Google’s Threat Analysis Group on Wednesday revealed two “limited and highly targeted” spyware campaigns that took advantage of zero-day vulnerabilities as well as known but unpatched security holes to undermine protections on Android and Apple iOS devices as well as Google’s Chrome browser.
The company did not reveal the spyware vendors involved, but said one of the campaigns used a link directing targets to a landing page identical to one Google revealed in November 2022 from Spanish spyware firm Variston IT. Whoever was behind the most recent campaign, the researchers said, could be a Variston customer or partner.
The spyware revelations come just days after the U.S. government announced an executive order barring federal agencies from using commercial spyware that presents a national security risk. A senior Biden administration official on Monday told CyberScoop that spyware had been found on — or suspected to be on — devices associated with 50 U.S. personnel across 10 countries.
Google’s report did not identify the number of victims targeted in this campaign or any other details about them or the broader context of campaigns themselves.
“These campaigns are a reminder that the commercial spyware industry continues to thrive,” the researchers said. “Even smaller surveillance vendors have access to 0-days, and vendors stockpiling and using 0-day vulnerabilities in secret poses a severe risk to the Internet. These campaigns may also indicate that exploits and techniques are being shared between surveillance vendors, enabling the proliferation of dangerous hacking tools.”
Google says it’s tracking more than 30 such vendors “with varying levels of sophistication and public exposure selling exploits or surveillance capabilities to government backed actors,” the researchers said. “These vendors are enabling the proliferation of dangerous hacking tools, arming governments that would not be able to develop these capabilities in-house. While use of surveillance technologies may be legal under national or international laws, they are often found to be used by governments to target dissidents, journalists, human rights workers and opposition party politicians.”

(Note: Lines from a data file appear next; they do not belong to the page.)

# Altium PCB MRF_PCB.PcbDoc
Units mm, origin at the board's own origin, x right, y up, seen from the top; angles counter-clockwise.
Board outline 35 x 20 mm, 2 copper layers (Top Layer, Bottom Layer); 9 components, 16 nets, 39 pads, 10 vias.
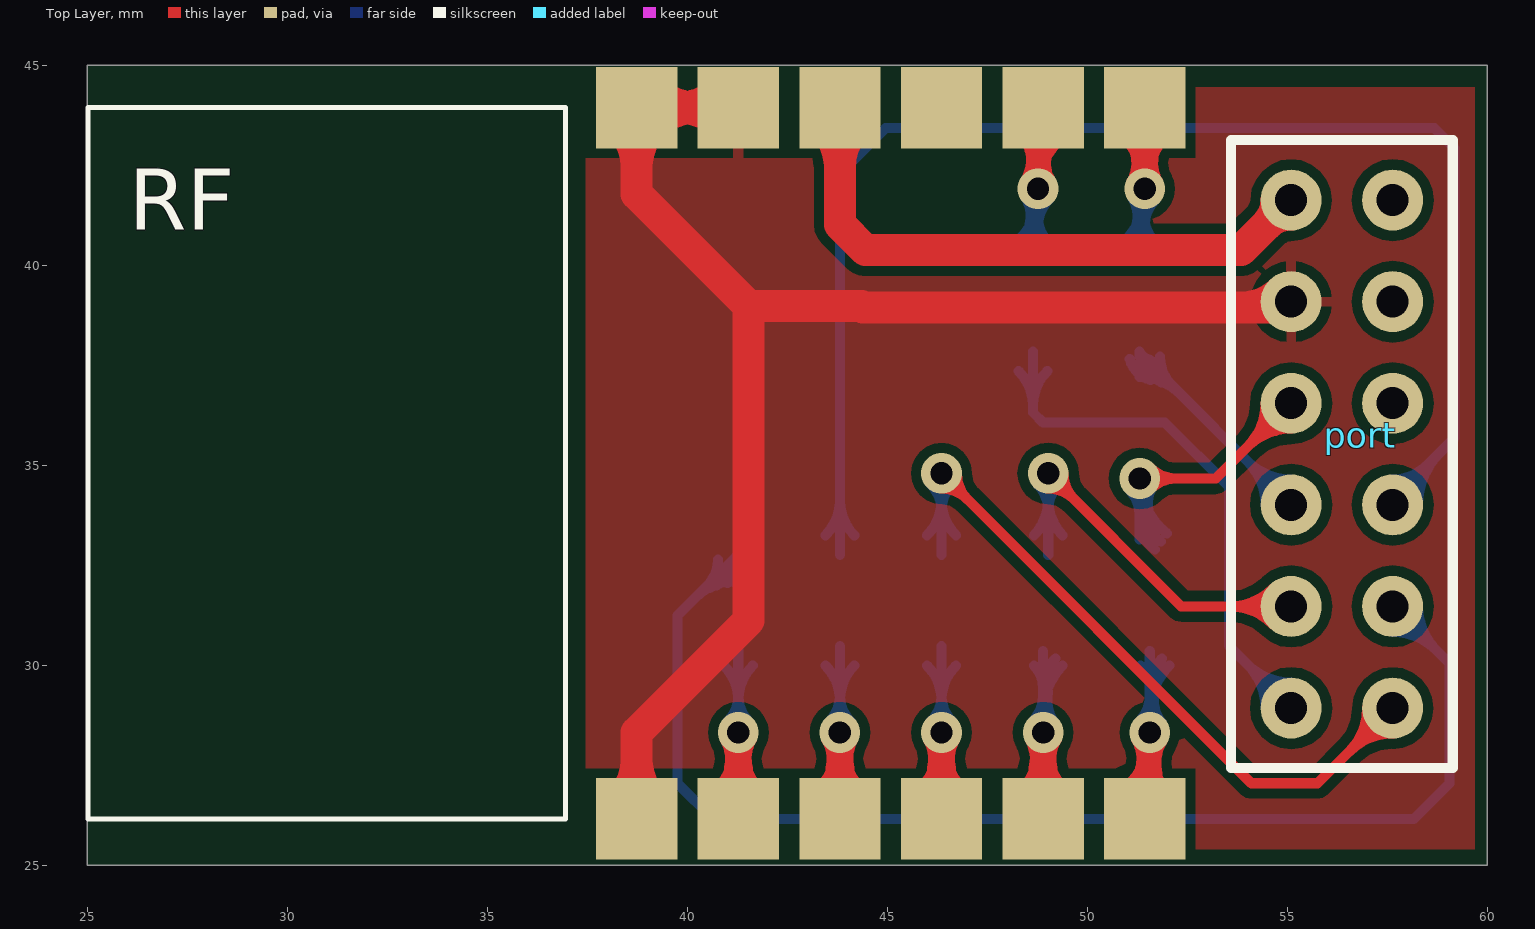
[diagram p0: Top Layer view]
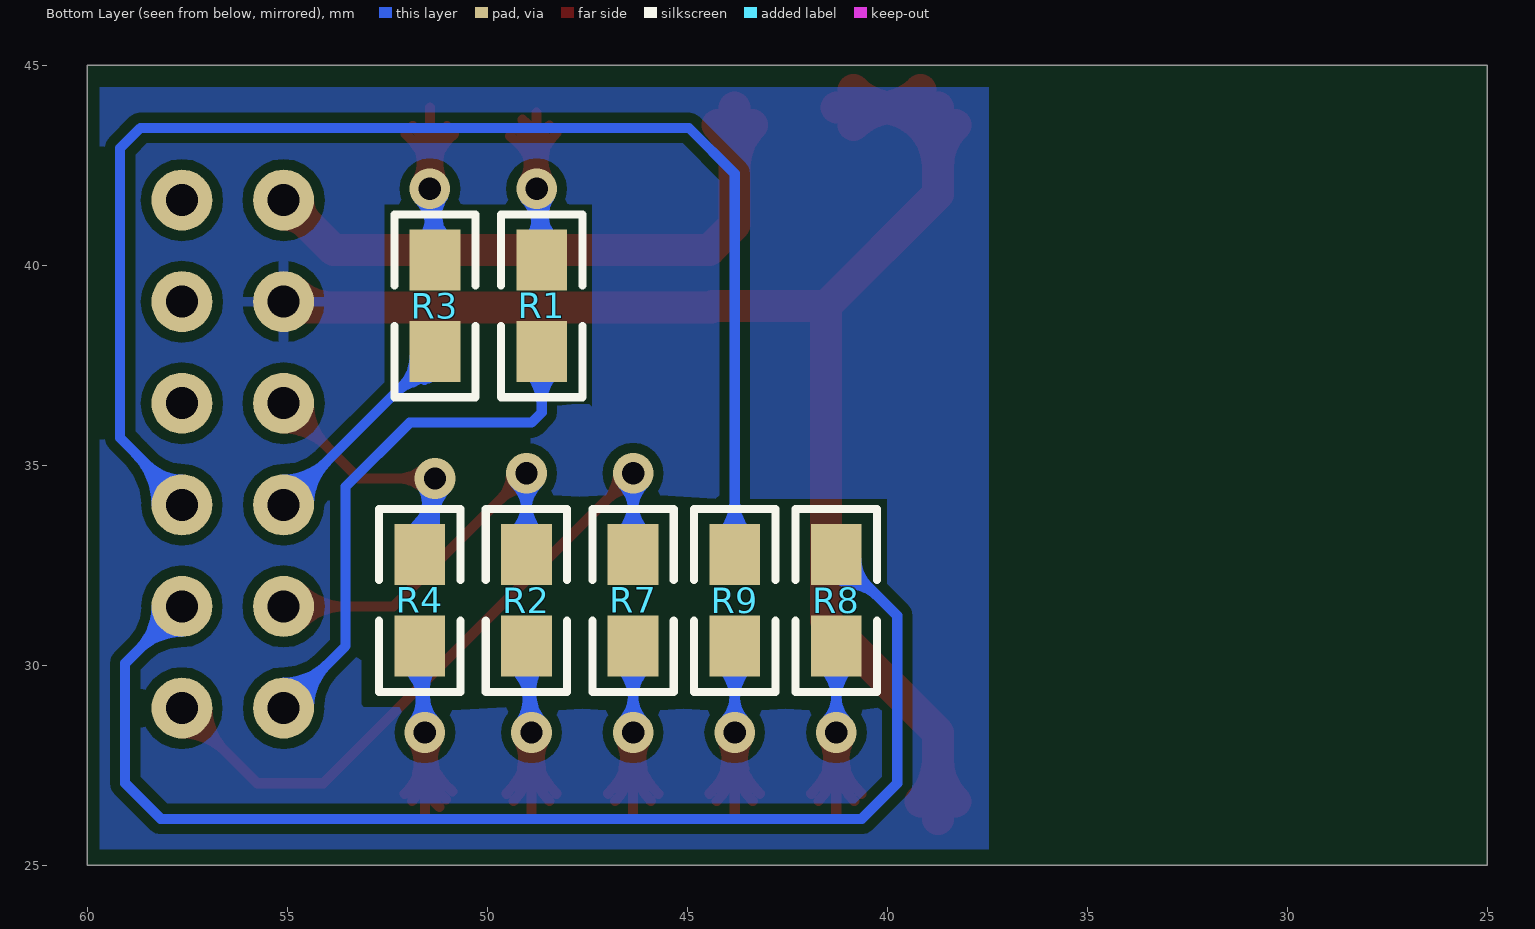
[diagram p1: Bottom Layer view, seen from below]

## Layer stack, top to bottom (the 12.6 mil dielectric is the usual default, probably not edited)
Top Solder: solder mask 0.0102, Solder Resist, Dk 3.5
Top Layer: signal copper 0.0356
Dielectric 1: dielectric 0.32, FR-4, Dk 4.8
Bottom Layer: signal copper 0.0356
Bottom Solder: solder mask 0.0102, Solder Resist, Dk 3.5

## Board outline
25,25 60,25 60,45 25,45

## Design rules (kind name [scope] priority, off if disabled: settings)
Clearance [All] p1: gap=0.254
PolygonConnect [All] p1: connectstyle=Relief reliefconductorwidth=0.254 reliefentries=4 polygonreliefangle="90 Angle" airgapwidth=0.254
RoutingVias [All] p1: holewidth=0.711 width=1.27 viastyle="Through Hole" minholewidth=0.711 minwidth=1.27 maxholewidth=0.711 maxwidth=1.27
SolderMaskExpansion [All] p1: expansion=0.102
Width [All] p1: maxlimit=0.8 minlimit=0.254 preferedwidth=0.254
29 further rules are at their usual default settings.

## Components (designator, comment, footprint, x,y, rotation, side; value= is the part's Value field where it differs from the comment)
port "Port" Port 53.594,27.432 r0 top
R1 "Res2" 0805 48.641,40.132 r270 bottom
R2 "Res2" 0805 49.022,30.48 r90 bottom
R3 "Res2" 0805 51.308,40.132 r270 bottom
R4 "Res2" 0805 51.689,30.48 r90 bottom
R7 "Res2" 0805 46.355,30.48 r90 bottom
R8 "Res2" 0805 41.275,30.48 r90 bottom
R9 "Res2" 0805 43.815,30.48 r90 bottom
RF "MRF Chip" MRF 25.019,26.162 r0 top

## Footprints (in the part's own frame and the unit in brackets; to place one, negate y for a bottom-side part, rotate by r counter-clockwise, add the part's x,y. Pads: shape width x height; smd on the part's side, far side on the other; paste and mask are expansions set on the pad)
0805 [mil]
  rect 60x50 smd: 1(0,0) 2(90,0)
  silkscreen extent -45,-40 135,40
MRF [mil]
  rect 80x80 smd: 1(540,0) 2(640,0) 3(740,0) 4(840,0) 5(940,0) 6(1040,0) 7(1040,700) 8(940,700) 9(840,700) 10(740,700) 11(640,700) 12(540,700)
  silkscreen extent 0,0 470,700
Port [mil] "Port 2x6"
  round 60 hole 31.5: 1(59.06,59.06) 2(59.06,159.06) 3(59.06,259.06) 4(59.06,359.06) 5(59.06,459.06) 6(59.06,559.06) 7(159.06,59.06) 8(159.06,159.06) 9(159.06,259.06) 10(159.06,359.06) 11(159.06,459.06) 12(159.06,559.06)
  round 19.68 on Top Overlay: 2(195,595)
  silkscreen extent 0,0 218,618

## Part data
R1 R2 R3 R4 R7 R8 R9: "Resistor"

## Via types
v1: diameter 1.016, hole 0.559, Top Layer to Bottom Layer, 10 vias

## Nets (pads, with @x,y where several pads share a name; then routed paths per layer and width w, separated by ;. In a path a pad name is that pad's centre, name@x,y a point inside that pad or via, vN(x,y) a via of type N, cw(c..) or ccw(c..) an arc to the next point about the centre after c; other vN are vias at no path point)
N1: R1.1 RF.8 | length 41.7
  Top Layer w0.254: v1(48.768,41.91) RF.8@48.768,43.815 ; v1@48.446,42.113 ccw(c47.631,42.626) 48.561,42.875 ; v1@48.446,42.113 ccw(c47.631,42.626) 48.561,42.875 ; v1@48.446,42.113 ccw(c47.631,42.626) 48.561,42.875 ; v1@48.578,42.24 ccw(c48.341,42.65) 48.798,42.527 ; v1@48.578,42.24 ccw(c48.341,42.65) 48.798,42.527 ; v1@48.578,42.24 ccw(c48.341,42.65) 48.798,42.527 ; v1@48.595,42.25 ccw(c48.247,42.937) 48.991,42.737 ; v1@48.595,42.25 ccw(c48.247,42.937) 48.991,42.737 ; v1@48.595,42.25 ccw(c48.247,42.937) 48.991,42.737 ; 48.609,42.695 ccw(c49.333,42.889) v1@48.959,42.24 ; 48.609,42.695 ccw(c49.333,42.889) v1@48.959,42.24 ; 48.609,42.695 ccw(c49.333,42.889) v1@48.959,42.24 ; 48.768,42.83 cw(c47.848,42.83) 48.499,42.179 ccw(c47.848,42.83) 48.768,42.83 ; 48.768,42.83 ccw(c49.688,42.83) 49.037,42.179 cw(c49.688,42.83) 48.768,42.83 ; 48.88,42.834 ccw(c49.561,42.652) v1@49.046,42.17 ; 48.88,42.834 ccw(c49.561,42.652) v1@49.046,42.17 ; 48.88,42.834 ccw(c49.561,42.652) v1@49.046,42.17 ; 48.991,42.737 ccw(c49.739,42.537) v1@49.088,42.117 ; 48.991,42.737 ccw(c49.739,42.537) v1@49.088,42.117 ; 48.991,42.737 ccw(c49.739,42.537) v1@49.088,42.117 ; RF.8@48.266,43.313 cw(c47.055,42.102) 48.768,42.102 ccw(c47.055,42.102) RF.8@48.266,43.313 ; RF.8@48.446,43.493 cw(c47.669,42.716) 48.768,42.716 ccw(c47.669,42.716) RF.8@48.446,43.493 ; v1@48.768,41.906 cw(c50.427,41.906) 49.429,43.232 ccw(c50.427,41.906) v1@48.768,41.906 ; v1@48.768,42.415 cw(c50.044,42.415) 49.277,43.435 ccw(c50.044,42.415) v1@48.768,42.415 ; 48.768,42.924 cw(c49.661,42.924) 49.124,43.638 ccw(c49.661,42.924) 48.768,42.924
  Bottom Layer w0.254: R1.1@48.768,40.259 v1(48.768,41.91) ; v1@48.449,41.701 cw(c47.735,41.234) 48.559,41.013 ; v1@48.449,41.701 cw(c47.735,41.234) 48.559,41.013 ; v1@48.449,41.701 cw(c47.735,41.234) 48.559,41.013 ; 48.579,41.085 cw(c49.366,40.874) v1@48.959,41.58 ; 48.579,41.085 cw(c49.366,40.874) v1@48.959,41.58 ; 48.579,41.085 cw(c49.366,40.874) v1@48.959,41.58 ; 48.768,40.99 cw(c49.688,40.99) 49.037,41.641 ccw(c49.688,40.99) 48.768,40.99 ; 48.768,40.99 ccw(c47.848,40.99) 48.499,41.641 cw(c47.848,40.99) 48.768,40.99 ; 48.768,41.179 cw(c47.721,41.179) 48.461,40.439 ccw(c47.721,41.179) 48.768,41.179 ; 48.768,41.179 ccw(c49.561,41.179) 49,40.618 cw(c49.561,41.179) 48.768,41.179 ; R1.1@48.282,40.618 ccw(c47.108,41.792) 48.768,41.792 cw(c47.108,41.792) R1.1@48.282,40.618
N2: R2.1 RF.5 | length 26.1
  Top Layer w0.254: RF.5@48.266,26.791 ccw(c46.749,28.308) 48.895,28.308 ccw(c51.041,28.308) RF.5@49.524,26.791 ; RF.5@48.446,26.611 ccw(c47.362,27.695) 48.895,27.695 ccw(c50.428,27.695) RF.5@49.344,26.611 ; v1@48.565,28.131 cw(c47.759,27.665) 48.658,27.424 ; v1@48.626,28.052 cw(c47.975,27.401) 48.895,27.401 cw(c49.815,27.401) v1@49.164,28.052 ; 48.662,27.439 cw(c49.54,27.204) v1@49.085,27.991 ; v1@48.705,27.991 cw(c48.25,27.204) 49.128,27.439 ; RF.5 v1(48.895,28.321) ; 49.132,27.424 cw(c50.031,27.665) v1@49.225,28.131
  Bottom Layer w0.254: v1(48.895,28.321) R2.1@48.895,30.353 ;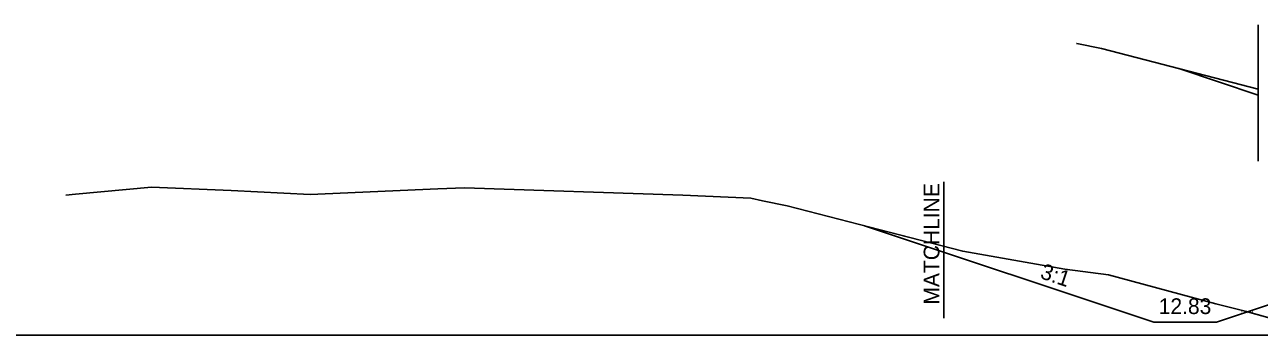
# Model space of a CAD drawing. Extents: x 2207892 to 2209721, y 61220 to 65449.
# Drawn here: x 2207984.7 to 2208063.3, y 64407.3 to 64427.1 of the extents above; entities that cross this region are included whole.
import ezdxf

# ---------------------------------------------------------------- set-up
doc = ezdxf.new("R2010")
doc.units = 0
for name, color, linetype in [('Exist DTM Breakline Cogo Comment', 7, 'Continuous'), ('Exist DTM Breakline Cogo Elevation', 7, 'Continuous'), ('Exist DTM Breakline Underwater Cogo Comment', 7, 'Continuous'), ('Exist Hydro Stream or Body of Water Cogo Elevation', 7, 'Continuous'), ('Exist Roads EOP Other Cogo Elevation', 7, 'Continuous'), ('Exist Roads EOP Other Cogo Number', 7, 'Continuous'), ('Exist Structure Minor Head and End Wall Cogo Point CELL', 7, 'Continuous')]:
    doc.layers.add(name, color=color, linetype=linetype)

msp = doc.modelspace()

# ---------------------------------------------------------------- linework, layer by layer
at = {"layer": 'Exist DTM Breakline Cogo Comment'}
for points in [[(2208064.863, 64408.136), (2208080.823, 64413.744), (2208081.546, 64413.99), (2208082.147, 64414.133), (2208090.865, 64416.412), (2208096.235, 64417.116), (2208098.977, 64417.457), (2208099.385, 64417.617), (2208094.327, 64417.314), (2208093.43, 64418.211), (2208089.891, 64417.928), (2208062.5, 64408.797)], [(2208060.483, 64409.32), (2208062.438, 64408.815), (2208062.5, 64408.797), (2208060.529, 64408.14), (2208056.529, 64408.14), (2208038.118, 64414.277), (2208044.373, 64412.661), (2208050.878, 64411.525), (2208053.66, 64411.163)]]:
    msp.add_lwpolyline(points, close=True, dxfattribs=at)
at = {"layer": 'Exist DTM Breakline Cogo Elevation'}
for p, q in [((2208063.174, 64418.397), (2208063.174, 64427.069)), ((2208063.174, 64422.592), (2208058.118, 64424.277)), ((2208043.174, 64408.397), (2208043.174, 64417.069))]:
    msp.add_line(p, q, dxfattribs=at)
msp.add_lwpolyline([(2208051.614, 64425.873), (2208051.636, 64425.868), (2208053.197, 64425.549), (2208063.174, 64422.971)], dxfattribs=at)
at = {"layer": 'Exist Hydro Stream or Body of Water Cogo Elevation'}
for p, q in [((2208056.529, 64408.14), (2208038.118, 64414.277)), ((2208060.529, 64408.14), (2208056.529, 64408.14))]:
    msp.add_line(p, q, dxfattribs=at)
msp.add_lwpolyline([(2208095.891, 64418.408), (2208089.891, 64417.928), (2208060.529, 64408.14)], dxfattribs=at)
at = {"layer": 'Exist Roads EOP Other Cogo Elevation'}
msp.add_lwpolyline([(2207987.3, 64416.224), (2207987.905, 64416.284), (2207992.738, 64416.74), (2207997.821, 64416.529), (2208002.853, 64416.259), (2208010.96, 64416.632), (2208012.672, 64416.696), (2208026.555, 64416.215), (2208030.881, 64416.03), (2208031.636, 64415.868), (2208033.197, 64415.549), (2208044.373, 64412.661), (2208050.878, 64411.525), (2208053.66, 64411.163), (2208060.483, 64409.32), (2208062.438, 64408.815), (2208064.863, 64408.136)], dxfattribs=at)
at = {"layer": 'Exist Roads EOP Other Cogo Number'}
msp.add_line((2207918.174, 64407.31), (2208118.174, 64407.31), dxfattribs=at)

# ---------------------------------------------------------------- texts
at = {"layer": 'Exist DTM Breakline Cogo Elevation'}
msp.add_text('MATCHLINE', height=1, rotation=90, dxfattribs=at).set_placement((2208042.89, 64409.265))
at = {"layer": 'Exist DTM Breakline Underwater Cogo Comment'}
msp.add_text('3:1', height=1, rotation=341.56505, dxfattribs=at).set_placement((2208049.244, 64410.957))
msp.add_text('12.83', height=1, dxfattribs=at).set_placement((2208056.85, 64408.662))
at = {"layer": 'Exist Structure Minor Head and End Wall Cogo Point CELL'}
msp.add_text('LT_Slope_Fill', height=0.1, dxfattribs=at).set_placement((2208062.024, 64408.748))

doc.saveas('drawing.dxf')

The first campaign that Google revealed on Google was discovered in November 2022 and involved exploits targeting Android and iOS devices delivered to targets in Italy, Malaysia and Kazakhstan via the link-shortening service Bitly. If the target clicked the link, it redirected them to pages hosting exploits for either Android or iOS, and then on to legitimate websites such as a page to track shipments or a popular Malaysian news website, the researchers wrote.
That campaign’s iOS targeting used a since-patched zero-day exploit as well as two other known exploits. One of those exploits used a technique used by spyware firm Cytrox as part of its Predator spyware, which was revealed in a December 2021 blog post from the Toronto-based digital rights group Citizen Lab. Apple issued a fix for the bug in March 2022. Its Android targeting also relied on one zero-day bugs as well as two known vulnerabilities.
Google researchers discovered the second campaign in December 2022 using one-time links targeting devices in the United Arab Emirates. That campaign directed users to the same landing page associated with the Heliconia framework, developed by Variston IT. The framework was revealed in November 2022 when an anonymous user uploaded Variston source code related to three distinct vulnerabilities to Google’s Chrome bug reporting program.
The campaign had been active since at least 2020 and targeted mobile and desktop services, according to Amnesty International’s Security Lab, which flagged aspects of the campaign and shared details with Google. The exploits were delivered from a network of more than 1,000 malicious domains, Amnesty said, noting that additional activity related to the campaign was identified in Indonesia, Belarus, Italy along with the targeting in the UAE.
The Amnesty team shared details and technical indicators related to the campaign, including the domains, on GitHub.
“In the wake of the Pegasus Project, which revealed that spyware had been used to target journalists, human rights defenders and politicians around the world, there is an urgent need for an international moratorium on the development, use, transfer and sale of spyware technologies until there is a global legal framework in place to prevent these abuses and protect human rights in the digital age,” Amnesty International Security Lab said in a statement.
The spyware discovered in December included libraries for decrypting and capturing data from various chat and browser applications, the Google researchers said.
“The exploit chain TAG recovered was delivered to the latest version of Samsung’s Browser, which runs on Chromium 102 and does not include recent mitigations,” the researchers wrote. “If they had been in place, the attackers would have needed additional vulnerabilities to bypass the mitigations.”
Updated March 29, 2023: This story has been updated to include reference to and commentary from Amnesty International’s Security Lab, which worked with Google to identify one of the campaigns.